■ **WHAT TO DO**: Write out each entry below exactly. Do not include the images.

■ **Data entries**:
****************************************
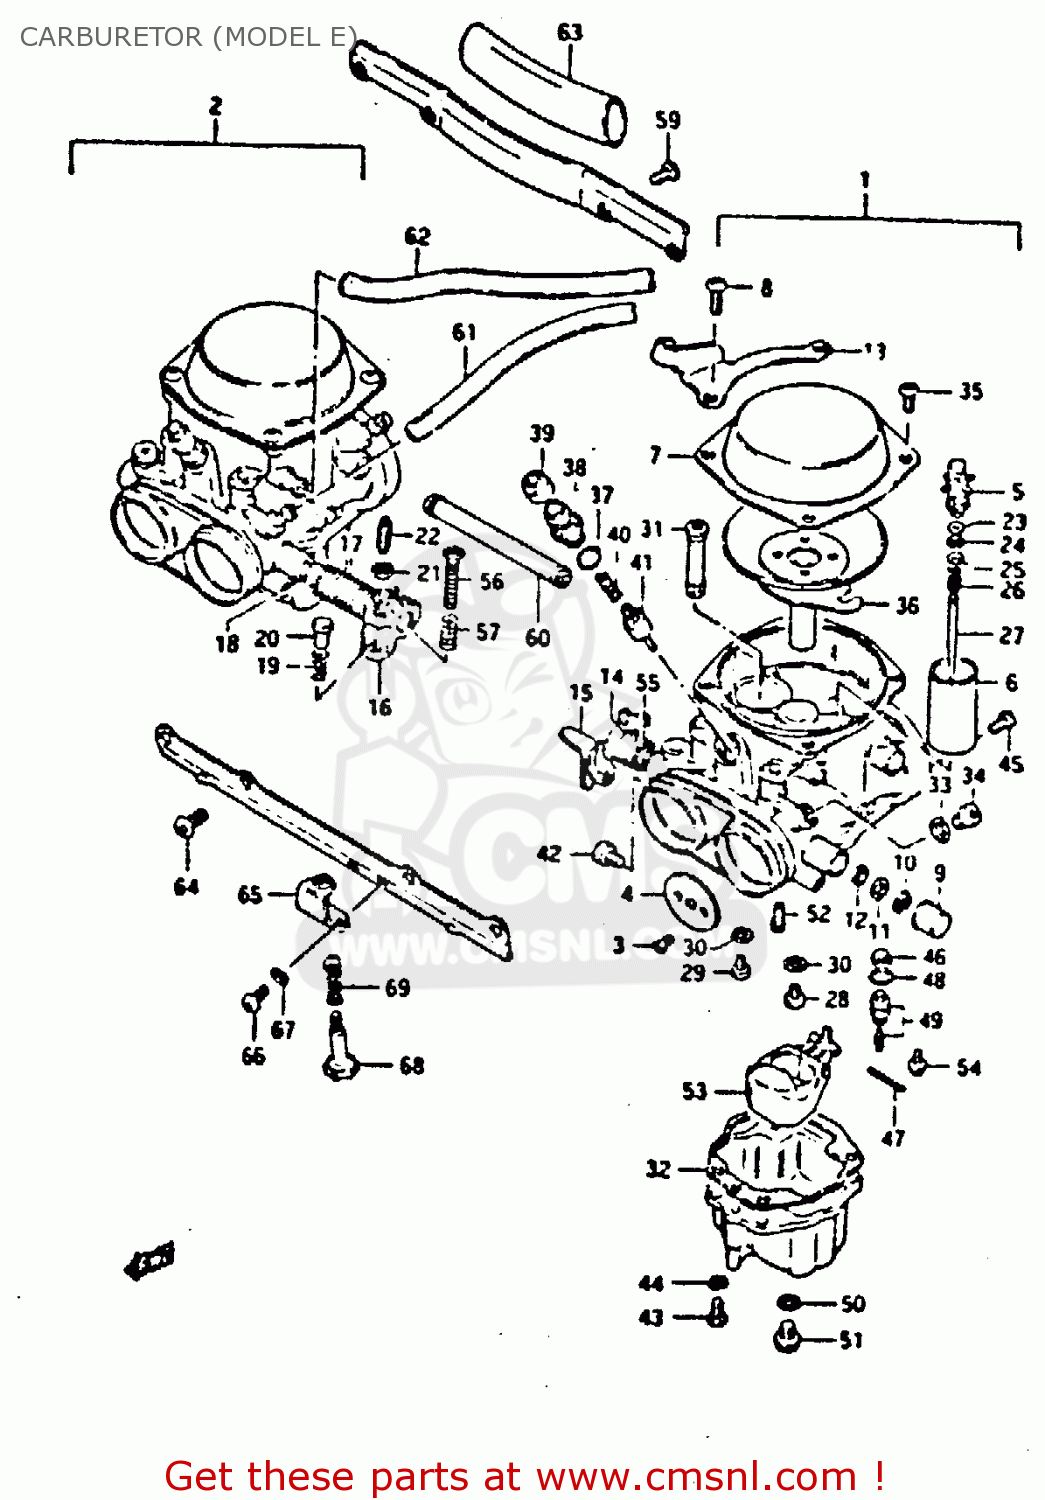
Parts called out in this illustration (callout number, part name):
1	CARBURETOR, LH
2	CARBURETOR, RH
3	SCREW
4	VALVE,THROTTLE
5	HOLDER,GUIDE
6	VALVE,THROTTLE
7	COVER,DIAPHRAGM
8	SCREW
9	CAP,THROTTLE SHAFT
10	E RING
11	GASKET,THROTTLE SHAFT (NAS)
12	SEAL
13	BRACKET,THROTTLE CABLE
14	SPRING,THROTTLE SHAFT
15	SHAFT ASSEMBLY
16	SHAFT ASSEMBLY
17	SPRING
18	RING
19	SPRING,THROTTLE SCREW
20	PIN,THROTTLE LEVER
21	NUT
22	SCREW
23	RING
24	CAP,LEVER
25	WASHER
26	SPRING
27	NEEDLE, JET (5C13-3)
28	JET,MAIN(90)
29	JET,MAIN(97.5)
30	WASHER,NEEDLE NOZZLE
31	JET, NEEDLE (P-4)
32	GASKET,FLOAT CHAMBER (MCA)
33	WASHER
34	SCREW
35	SCREW
36	DIAPHRAGM,CARBURETOR
37	O RING
38	HOLDER,GUIDE
39	CAP
40	SPRING
41	VALVE,STARTER
42	SCREW
43	SCREW
44	LOCK WASHER
45	JET, PILOT AIR (140)
46	FILTER
47	PIN,FLOAT
48	O-RING,NEEDLE VALVE
49	VALVE ASSEMBLY,NEEDLE
50	GASKET (NAS)
51	PLUG,DRAIN
52	JET,PILOT(37.5)
53	FLOAT
54	SCREW
55	RING,THROTTLE SHAFT
56	SCREW
57	SPRING
58	FLANGE ASSEMBLY,CARBURETOR
59	SCREW
60	PIPE,CARBURETOR
61	HOSE 4.5X8X390
62	HOSE
63	HOSE(16X19X100)
64	SCREW
65	BRACKET,SLOW ADJUST
66	SCREW
67	LOCK WASHER
68	ADJUSTER
69	SPRING
****************************************
■ **REPLY TO THE TASK**:
Parts called out in this illustration (callout number, part name):
1	CARBURETOR, LH
2	CARBURETOR, RH
3	SCREW
4	VALVE,THROTTLE
5	HOLDER,GUIDE
6	VALVE,THROTTLE
7	COVER,DIAPHRAGM
8	SCREW
9	CAP,THROTTLE SHAFT
10	E RING
11	GASKET,THROTTLE SHAFT (NAS)
12	SEAL
13	BRACKET,THROTTLE CABLE
14	SPRING,THROTTLE SHAFT
15	SHAFT ASSEMBLY
16	SHAFT ASSEMBLY
17	SPRING
18	RING
19	SPRING,THROTTLE SCREW
20	PIN,THROTTLE LEVER
21	NUT
22	SCREW
23	RING
24	CAP,LEVER
25	WASHER
26	SPRING
27	NEEDLE, JET (5C13-3)
28	JET,MAIN(90)
29	JET,MAIN(97.5)
30	WASHER,NEEDLE NOZZLE
31	JET, NEEDLE (P-4)
32	GASKET,FLOAT CHAMBER (MCA)
33	WASHER
34	SCREW
35	SCREW
36	DIAPHRAGM,CARBURETOR
37	O RING
38	HOLDER,GUIDE
39	CAP
40	SPRING
41	VALVE,STARTER
42	SCREW
43	SCREW
44	LOCK WASHER
45	JET, PILOT AIR (140)
46	FILTER
47	PIN,FLOAT
48	O-RING,NEEDLE VALVE
49	VALVE ASSEMBLY,NEEDLE
50	GASKET (NAS)
51	PLUG,DRAIN
52	JET,PILOT(37.5)
53	FLOAT
54	SCREW
55	RING,THROTTLE SHAFT
56	SCREW
57	SPRING
58	FLANGE ASSEMBLY,CARBURETOR
59	SCREW
60	PIPE,CARBURETOR
61	HOSE 4.5X8X390
62	HOSE
63	HOSE(16X19X100)
64	SCREW
65	BRACKET,SLOW ADJUST
66	SCREW
67	LOCK WASHER
68	ADJUSTER
69	SPRING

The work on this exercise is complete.